**WORK TO BE COMPLETED**
Write out, exactly and in full, the records given below, but not their pictures.

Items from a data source
++++++

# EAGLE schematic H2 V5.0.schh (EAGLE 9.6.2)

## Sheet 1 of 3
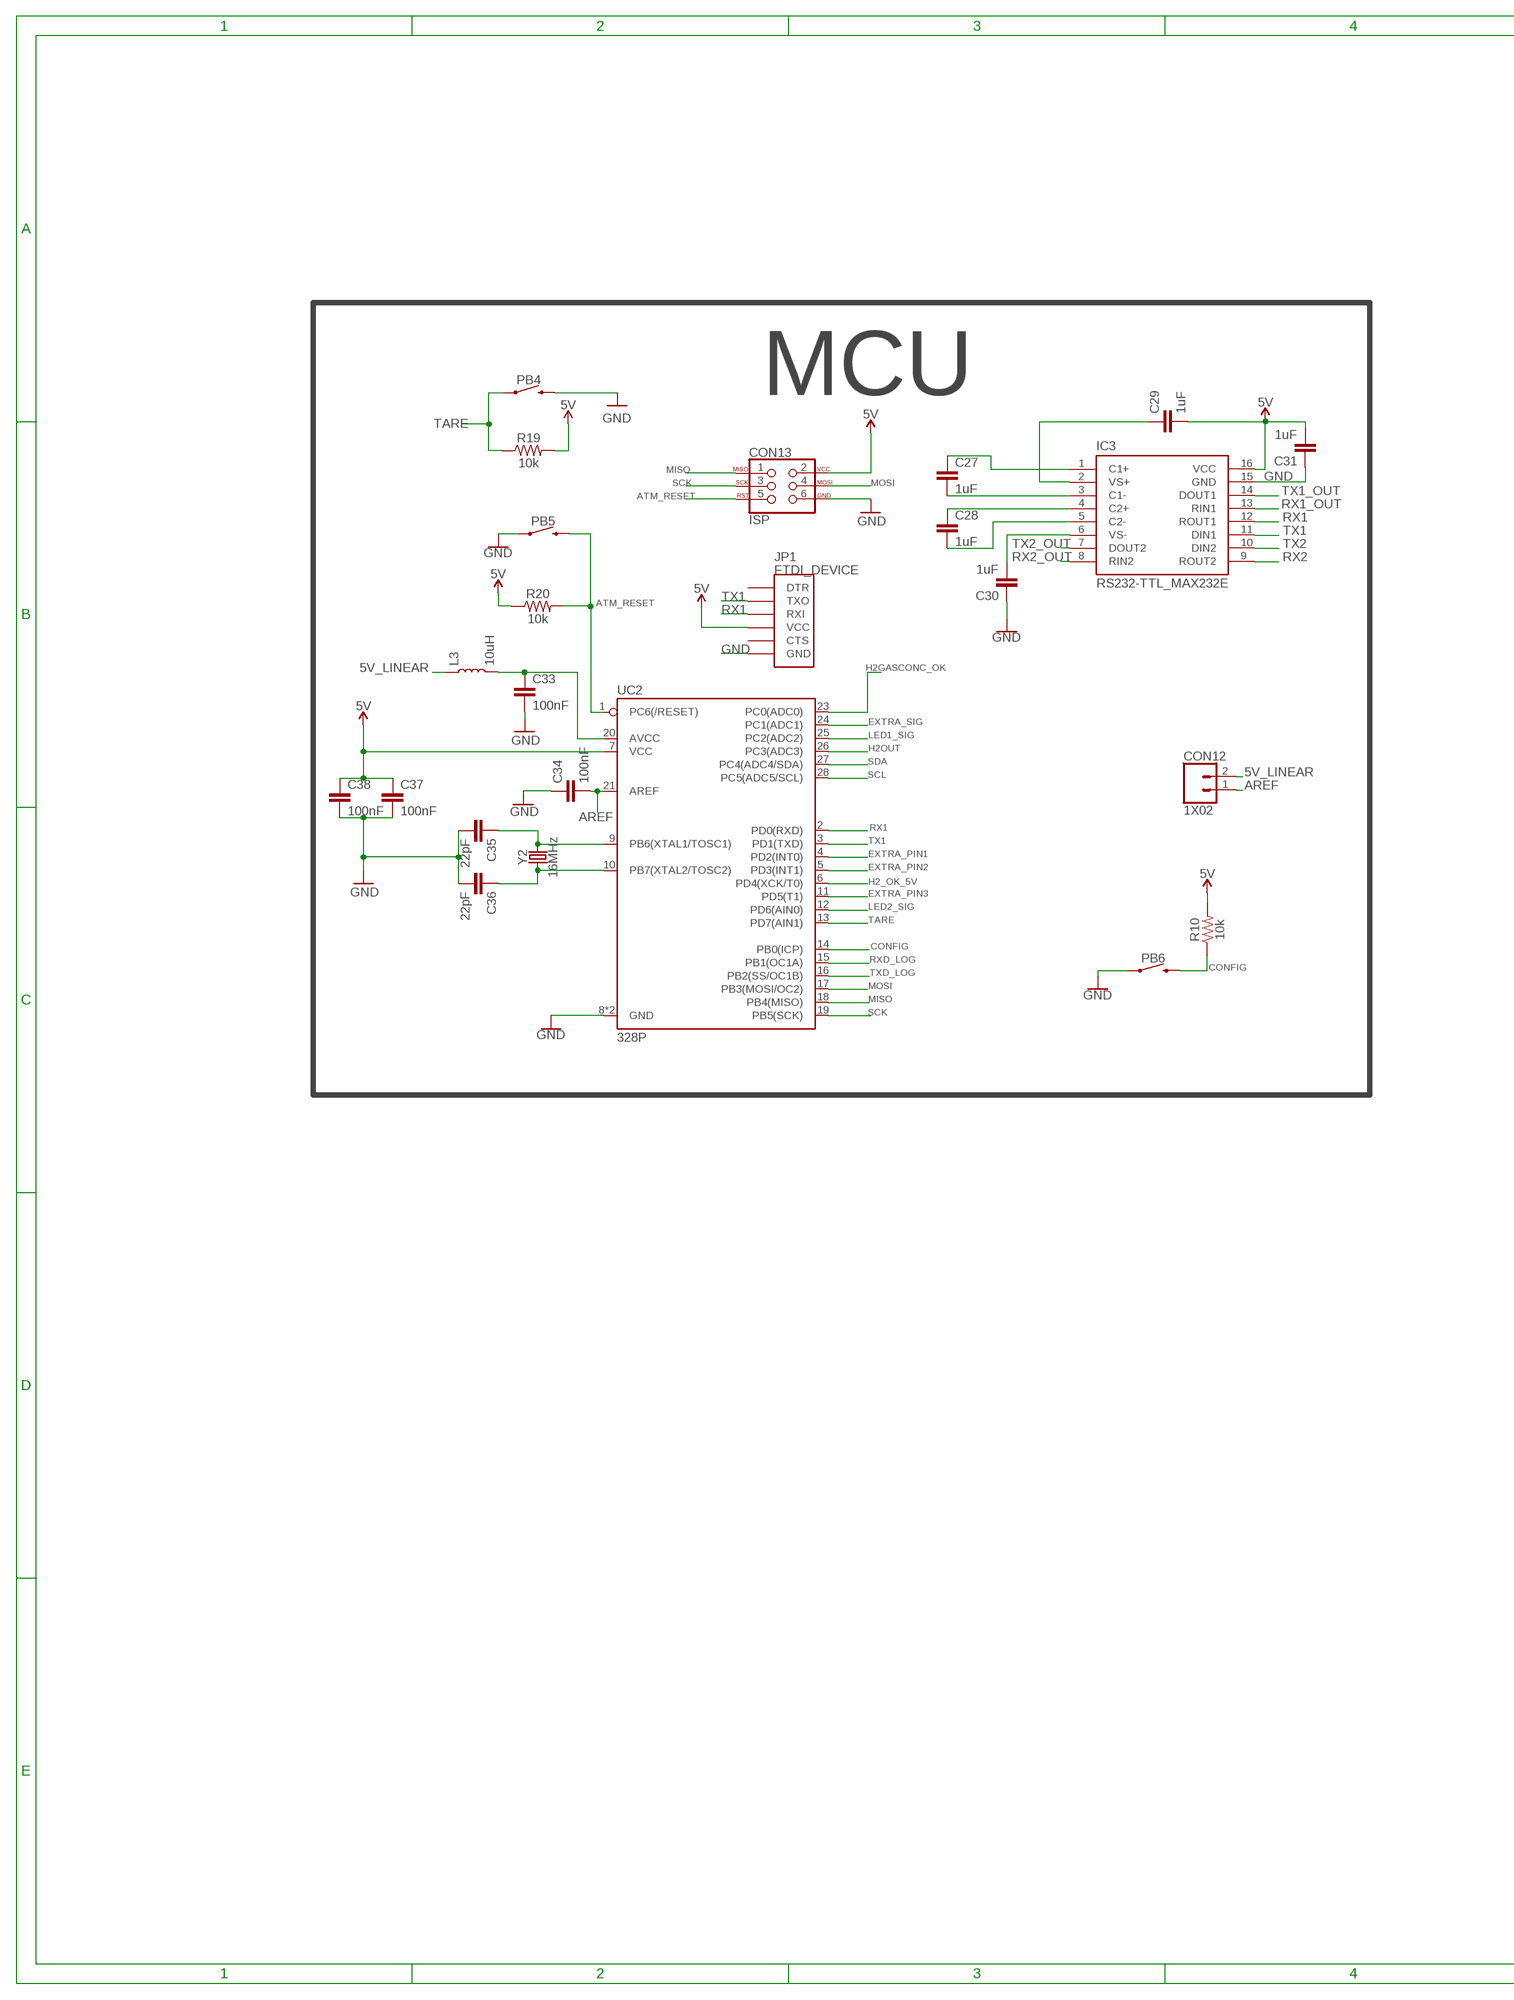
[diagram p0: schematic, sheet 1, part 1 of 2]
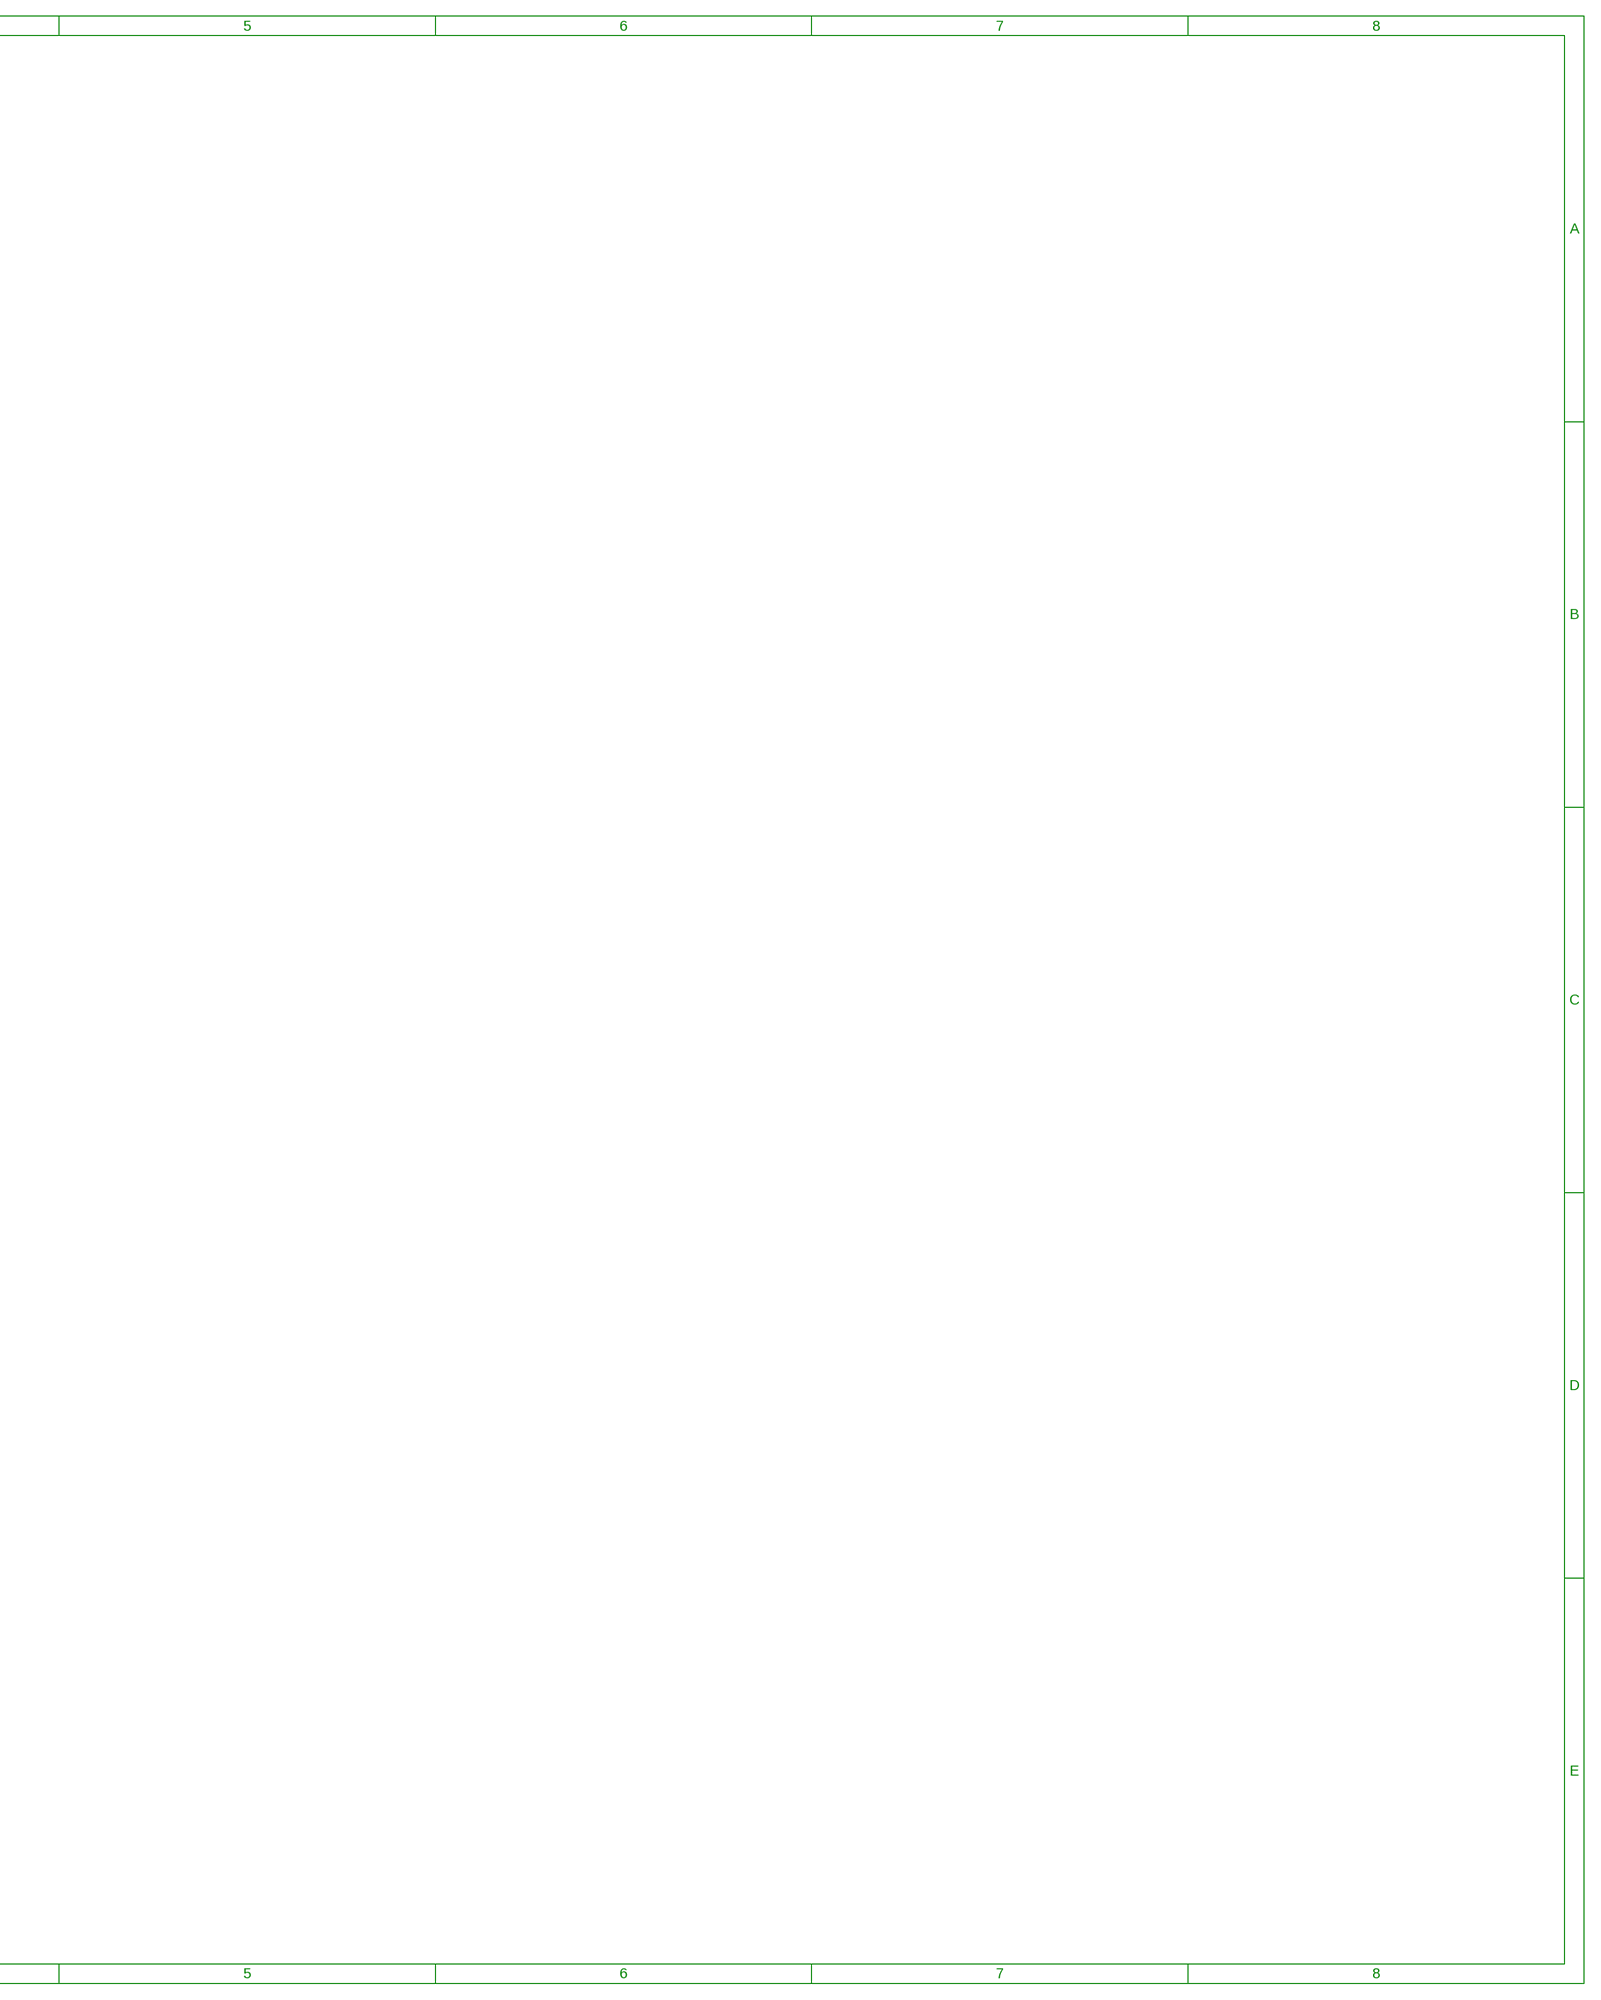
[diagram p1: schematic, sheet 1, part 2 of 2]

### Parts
C27  1uF  CAPACITOR_0805  [0805]
C28  1uF  CAPACITOR_0805  [0805]
C29  1uF  CAPACITOR_0805  [0805]
C30  1uF  CAPACITOR_0805  [0805]
C31  1uF  CAPACITOR_0805  [0805]
C33  100nF  CAPACITOR_0805  [0805]
C34  100nF  CAPACITOR_0805  [0805]
C35  22pF  CAPACITOR_0805  [0805]
C36  22pF  CAPACITOR_0805  [0805]
C37  100nF  CAPACITOR_0805  [0805]
C38  100nF  CAPACITOR_0805  [0805]
CON12  1X02  [1X02]
CON13  ISP  [ISP_CONNECTOR]
IC3  RS232-TTL_MAX232E  [DIP16]
JP1  FTDI_DEVICE  [FTDI_DEVICE_SIDE]
L3  10uH  INDUCTOR_0805  [0805]
PB4  PUSHBUTTON  [PUSHBUTTON]
PB5  PUSHBUTTON  [PUSHBUTTON]
PB6  PUSHBUTTON  [PUSHBUTTON]
R10  10k  RESISTOR_0805  [0805]
R19  10k  RESISTOR_0805  [0805]
R20  10k  RESISTOR_0805  [0805]
UC2  328P  ATMEGA328P_DIP28  [DIP28]
Y2  16MHz  CRYSTAL-16MHZPTH-HC49US  [HC49US]

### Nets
5V: C29.2 C31.2 C37.1 C38.1 CON13.2 IC3.16(VCC) JP1.P$4(VCC) R10.2 R19.2 R20.1 UC2.7(VCC) ; also sheet 2,3
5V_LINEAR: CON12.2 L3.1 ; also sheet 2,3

++++++

**SOLUTION TO THE PROBLEM**
# EAGLE schematic H2 V5.0.schh (EAGLE 9.6.2)

## Sheet 1 of 3
[diagram p0: schematic, sheet 1, part 1 of 2]
[diagram p1: schematic, sheet 1, part 2 of 2]

### Parts
C27  1uF  CAPACITOR_0805  [0805]
C28  1uF  CAPACITOR_0805  [0805]
C29  1uF  CAPACITOR_0805  [0805]
C30  1uF  CAPACITOR_0805  [0805]
C31  1uF  CAPACITOR_0805  [0805]
C33  100nF  CAPACITOR_0805  [0805]
C34  100nF  CAPACITOR_0805  [0805]
C35  22pF  CAPACITOR_0805  [0805]
C36  22pF  CAPACITOR_0805  [0805]
C37  100nF  CAPACITOR_0805  [0805]
C38  100nF  CAPACITOR_0805  [0805]
CON12  1X02  [1X02]
CON13  ISP  [ISP_CONNECTOR]
IC3  RS232-TTL_MAX232E  [DIP16]
JP1  FTDI_DEVICE  [FTDI_DEVICE_SIDE]
L3  10uH  INDUCTOR_0805  [0805]
PB4  PUSHBUTTON  [PUSHBUTTON]
PB5  PUSHBUTTON  [PUSHBUTTON]
PB6  PUSHBUTTON  [PUSHBUTTON]
R10  10k  RESISTOR_0805  [0805]
R19  10k  RESISTOR_0805  [0805]
R20  10k  RESISTOR_0805  [0805]
UC2  328P  ATMEGA328P_DIP28  [DIP28]
Y2  16MHz  CRYSTAL-16MHZPTH-HC49US  [HC49US]

### Nets
5V: C29.2 C31.2 C37.1 C38.1 CON13.2 IC3.16(VCC) JP1.P$4(VCC) R10.2 R19.2 R20.1 UC2.7(VCC) ; also sheet 2,3
5V_LINEAR: CON12.2 L3.1 ; also sheet 2,3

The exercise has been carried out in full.